Tento una finta espirazione ma l’etilometro non se la beve.
“Molto bene, ecco il suo libretto.”
“E la patente?”
“Quella la tengo io. Parcheggi pure in quello spiazzo, quando tornerà sobrio potrà andare a casa.”
Abbattuto dall’ennesimo scherzo della sorte, mi accuccio su una panchina e cado in un sonno profondo.
Mi risveglio sei ore più tardi con il sole alto, una merda di piccione sulla spalla e nove euro in moneta per terra, frutto della pietà di alcuni passanti mattutini che devono avermi scambiato per un barbone.
Riprendo l’utilitaria e raggiungo il garage di casa.
Apro il portone mentre una leggera depressione mi prende per mano e mi accompagna passo-passo per le scale, fino all’ultimo gradino della rampa.
Raggiunto il culmine della scalinata, la suola, ancora viscida dai resti di escrementi canini, mi tradisce proiettandomi a valle come una balla di fieno lanciata dall’Himalaya e mi ritrovo ancora davanti al portone del condominio.
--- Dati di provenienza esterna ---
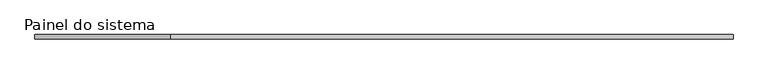
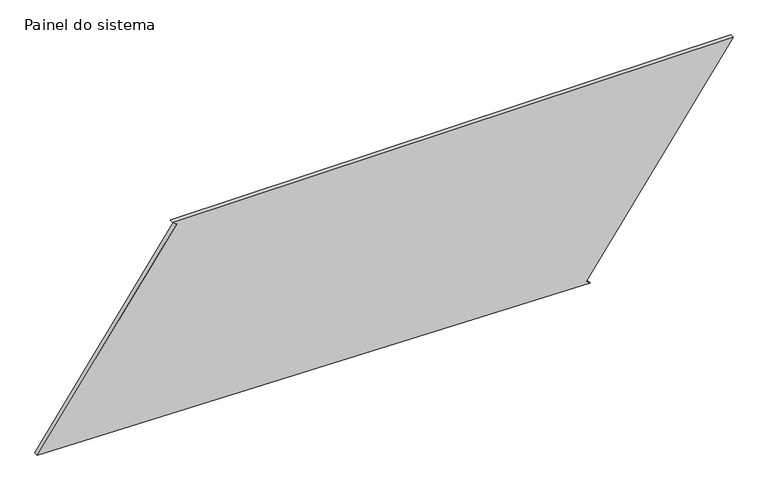
"""IFC4 building model written with IfcOpenShell, lengths in millimetres: plate geometry, Painel do sistema : Envidraçado."""

from ifc_helpers import new_model, si_unit, frame, origin, place, context, project, spatial, polyline, outline, extrude, source, transform, mapped, element, save


def painel_do_sistema_cb45a691(model_context):
    return source(origin(), model_context, "Body", "SweptSolid", [
        extrude(outline(polyline([(0.0, 1141.2572669), (14.4529738, 1120.8584544), (1168.4111121, 1938.4612838), (1168.4111121, -1183.8147657), (1153.9581383, -1163.4159533), (60.0653158, -1938.4612838), (0.0, 1141.2572669)])), frame((0.0, 24.5, 0.0), z_axis=(0.0, 1.0, 0.0), x_axis=(0.0, 0.0, 1.0)), (0.0, 0.0, 1.0), 25.0),
    ])


if __name__ == "__main__":
    model = new_model("IFC4")
    model_context = context("Model", 3, world=origin())
    ifc_project = project(units=[si_unit("LENGTHUNIT", "METRE", prefix="MILLI")], contexts=[model_context])
    site = spatial("IfcSite", under=ifc_project)
    building = spatial("IfcBuilding", under=site)
    placement = place(None, origin())
    painel_do_sistema_shape = painel_do_sistema_cb45a691(model_context)
    element("IfcPlate", 1, ObjectType="Painel do sistema : Envidraçado", at=placement, inside=building, context=model_context, shape_type="MappedRepresentation", body=[
        mapped(painel_do_sistema_shape, transform((0.0, 0.0, 0.0), x_axis=(1.0, 0.0, 0.0), y_axis=(0.0, 1.0, 0.0), z_axis=(0.0, 0.0, 1.0))),
    ])
    save(model, "model.ifc")

# Revit data of these elements
# Type "Painel do sistema : Envidraçado"
#   Construction Type Id = "GSP4R"
#   Analytic Construction = "Vidraça única Pilkington 1/8 pol"
#   Visual Light Transmittance = 0.9
#   Solar Heat Gain Coefficient = 0.86
#   Heat Transfer Coefficient (U) = 6.7069 W/(m²·K)
# Element 1 (IfcPlate, "Painel do sistema : Envidraçado")
#   Materials on its faces: "Vidro"
# Materials
#   "Vidro": class "Vidro", colour RGB 0 128 192, transparency 0.9, Description = "Vidro de sílica", Cost = 0
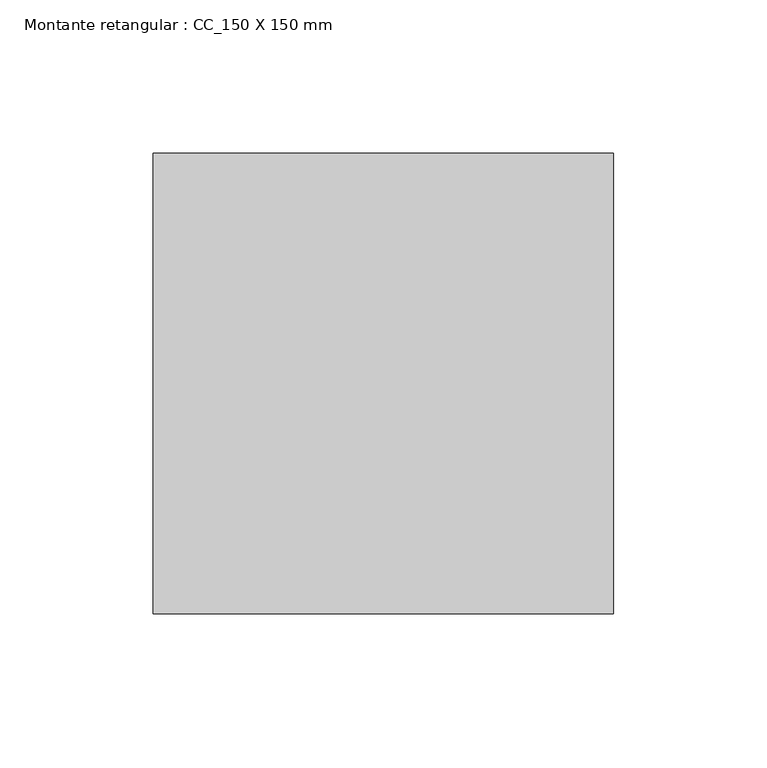
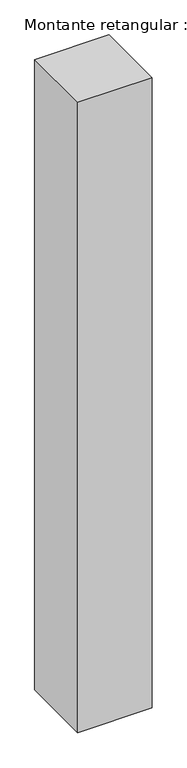
"""IFC4 building model written with IfcOpenShell, lengths in millimetres: member geometry, Montante retangular : CC_150 X 150 mm."""

from ifc_helpers import new_model, si_unit, frame, origin, place, context, project, spatial, polyline, outline, extrude, source, transform, mapped, element, save


def montante_retangular_cc_150_x_150_mm_106b3bff(model_context):
    return source(origin(), model_context, "Body", "SweptSolid", [
        extrude(outline(polyline([(0.0, 75.0), (0.0, -75.0), (-150.0, -75.0), (-150.0, 75.0), (0.0, 75.0)])), frame((0.0, 0.0, -1343.7500002), z_axis=(0.0, 0.0, 1.0), x_axis=(1.0, 0.0, 0.0)), (0.0, 0.0, 1.0), 1343.7500002),
    ])


if __name__ == "__main__":
    model = new_model("IFC4")
    model_context = context("Model", 3, world=origin())
    ifc_project = project(units=[si_unit("LENGTHUNIT", "METRE", prefix="MILLI")], contexts=[model_context])
    site = spatial("IfcSite", under=ifc_project)
    building = spatial("IfcBuilding", under=site)
    placement = place(None, origin())
    montante_retangular_cc_150_x_150_mm_shape = montante_retangular_cc_150_x_150_mm_106b3bff(model_context)
    element("IfcMember", 1, ObjectType="Montante retangular : CC_150 X 150 mm", at=placement, inside=building, context=model_context, shape_type="MappedRepresentation", body=[
        mapped(montante_retangular_cc_150_x_150_mm_shape, transform((0.0, 0.0, 0.0), x_axis=(1.0, 0.0, 0.0), y_axis=(0.0, 1.0, 0.0), z_axis=(0.0, 0.0, 1.0))),
    ])
    save(model, "model.ifc")

# Revit data of these elements
# Type "Montante retangular : CC_150 X 150 mm"
#   built-in parameter 1007304 = 0.492126 (stored number, unit not read)
#   built-in parameter 1007301 = 0.246063 (stored number, unit not read)
#   built-in parameter 1007300 = 0.246063 (stored number, unit not read)
# Element 1 (IfcMember, "Montante retangular : CC_150 X 150 mm")
#   Materials on its faces: ".ALUMÍNIO"
# Materials
#   ".ALUMÍNIO": class "CC_METAIS", colour RGB 244 244 244, transparency 0, Description = "Material alumínio", Cost = 0

Sdraiato a terra a faccia in giù, le immagini della notte precedente mi scorrono davanti come il classico film della tua vita che si dice si palesi nell’attimo prima in cui stai per morire: sigaretta dal finestrino che brucia il sedile, primo posto di blocco della Polizia, tentata rapina al parco, grande stronzo padrone di grande cane che fa grandi merde, extracomunitario dal super udito che mi devasta gli interni della macchina, alcolizzato che mi svuota la vescica su una gamba, secondo blocco di Polizia con “donazione” non volontaria della patente e, infine, pelle maculata di lividi a causa di una discesa libera lungo le scale di casa.
Ripercorro le rampe prestando più attenzione, penso a quant’era rilassante e privo di rischi il lockdown della “Fase 1” e raggiungo finalmente il mio appartamento dal quale, a conti fatti, non sarei mai dovuto uscire.